## THE TASK
Transcribe the listing that follows in full, exactly, and drop its images.

## SUPPLIED ENTRIES
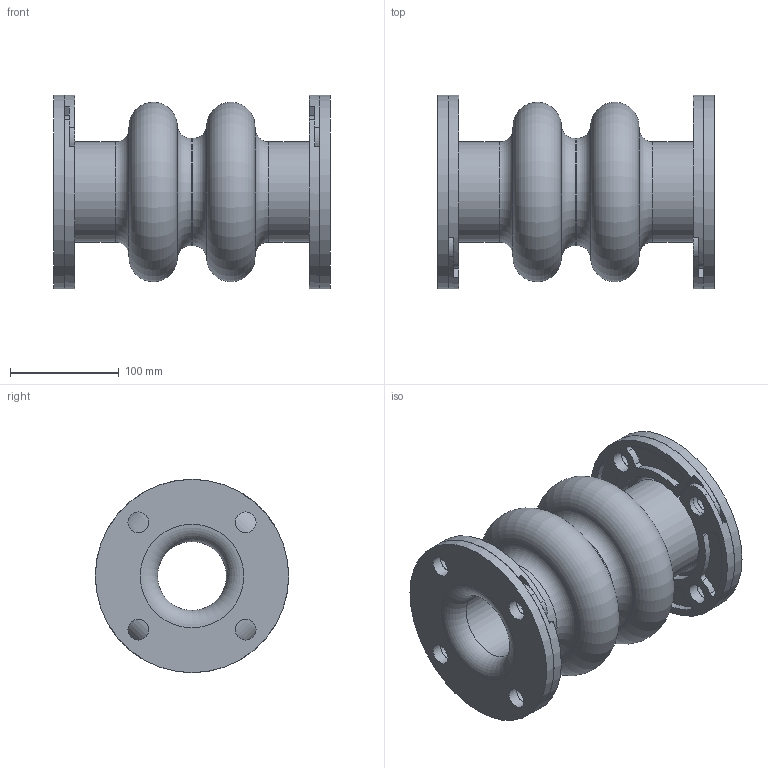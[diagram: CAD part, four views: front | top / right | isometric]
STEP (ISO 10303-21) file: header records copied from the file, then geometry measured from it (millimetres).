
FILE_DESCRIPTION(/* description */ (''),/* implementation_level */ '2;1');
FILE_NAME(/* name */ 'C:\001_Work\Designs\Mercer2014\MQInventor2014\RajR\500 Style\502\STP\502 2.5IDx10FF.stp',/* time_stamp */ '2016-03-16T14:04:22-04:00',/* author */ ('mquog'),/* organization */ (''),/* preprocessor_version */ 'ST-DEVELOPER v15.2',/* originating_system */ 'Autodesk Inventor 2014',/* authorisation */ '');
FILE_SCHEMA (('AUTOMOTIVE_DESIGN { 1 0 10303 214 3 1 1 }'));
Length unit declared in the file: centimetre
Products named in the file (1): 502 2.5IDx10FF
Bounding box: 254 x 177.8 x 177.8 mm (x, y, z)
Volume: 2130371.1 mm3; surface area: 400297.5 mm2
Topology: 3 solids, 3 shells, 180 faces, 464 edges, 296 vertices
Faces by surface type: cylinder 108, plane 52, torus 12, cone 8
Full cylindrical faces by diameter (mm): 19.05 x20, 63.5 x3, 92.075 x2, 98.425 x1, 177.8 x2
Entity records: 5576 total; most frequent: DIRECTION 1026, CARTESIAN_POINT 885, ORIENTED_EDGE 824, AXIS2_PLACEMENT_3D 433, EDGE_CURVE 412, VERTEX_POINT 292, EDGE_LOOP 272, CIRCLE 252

## EXERCISE SOLUTION
[diagram: CAD part, four views: front | top / right | isometric]
STEP (ISO 10303-21) file: header records copied from the file, then geometry measured from it (millimetres).
FILE_DESCRIPTION(/* description */ (''),/* implementation_level */ '2;1');
FILE_NAME(/* name */ 'C:\001_Work\Designs\Mercer2014\MQInventor2014\RajR\500 Style\502\STP\502 2.5IDx10FF.stp',/* time_stamp */ '2016-03-16T14:04:22-04:00',/* author */ ('mquog'),/* organization */ (''),/* preprocessor_version */ 'ST-DEVELOPER v15.2',/* originating_system */ 'Autodesk Inventor 2014',/* authorisation */ '');
FILE_SCHEMA (('AUTOMOTIVE_DESIGN { 1 0 10303 214 3 1 1 }'));
Length unit declared in the file: centimetre
Products named in the file (1): 502 2.5IDx10FF
Bounding box: 254 x 177.8 x 177.8 mm (x, y, z)
Volume: 2130371.1 mm3; surface area: 400297.5 mm2
Topology: 3 solids, 3 shells, 180 faces, 464 edges, 296 vertices
Faces by surface type: cylinder 108, plane 52, torus 12, cone 8
Full cylindrical faces by diameter (mm): 19.05 x20, 63.5 x3, 92.075 x2, 98.425 x1, 177.8 x2
Entity records: 5576 total; most frequent: DIRECTION 1026, CARTESIAN_POINT 885, ORIENTED_EDGE 824, AXIS2_PLACEMENT_3D 433, EDGE_CURVE 412, VERTEX_POINT 292, EDGE_LOOP 272, CIRCLE 252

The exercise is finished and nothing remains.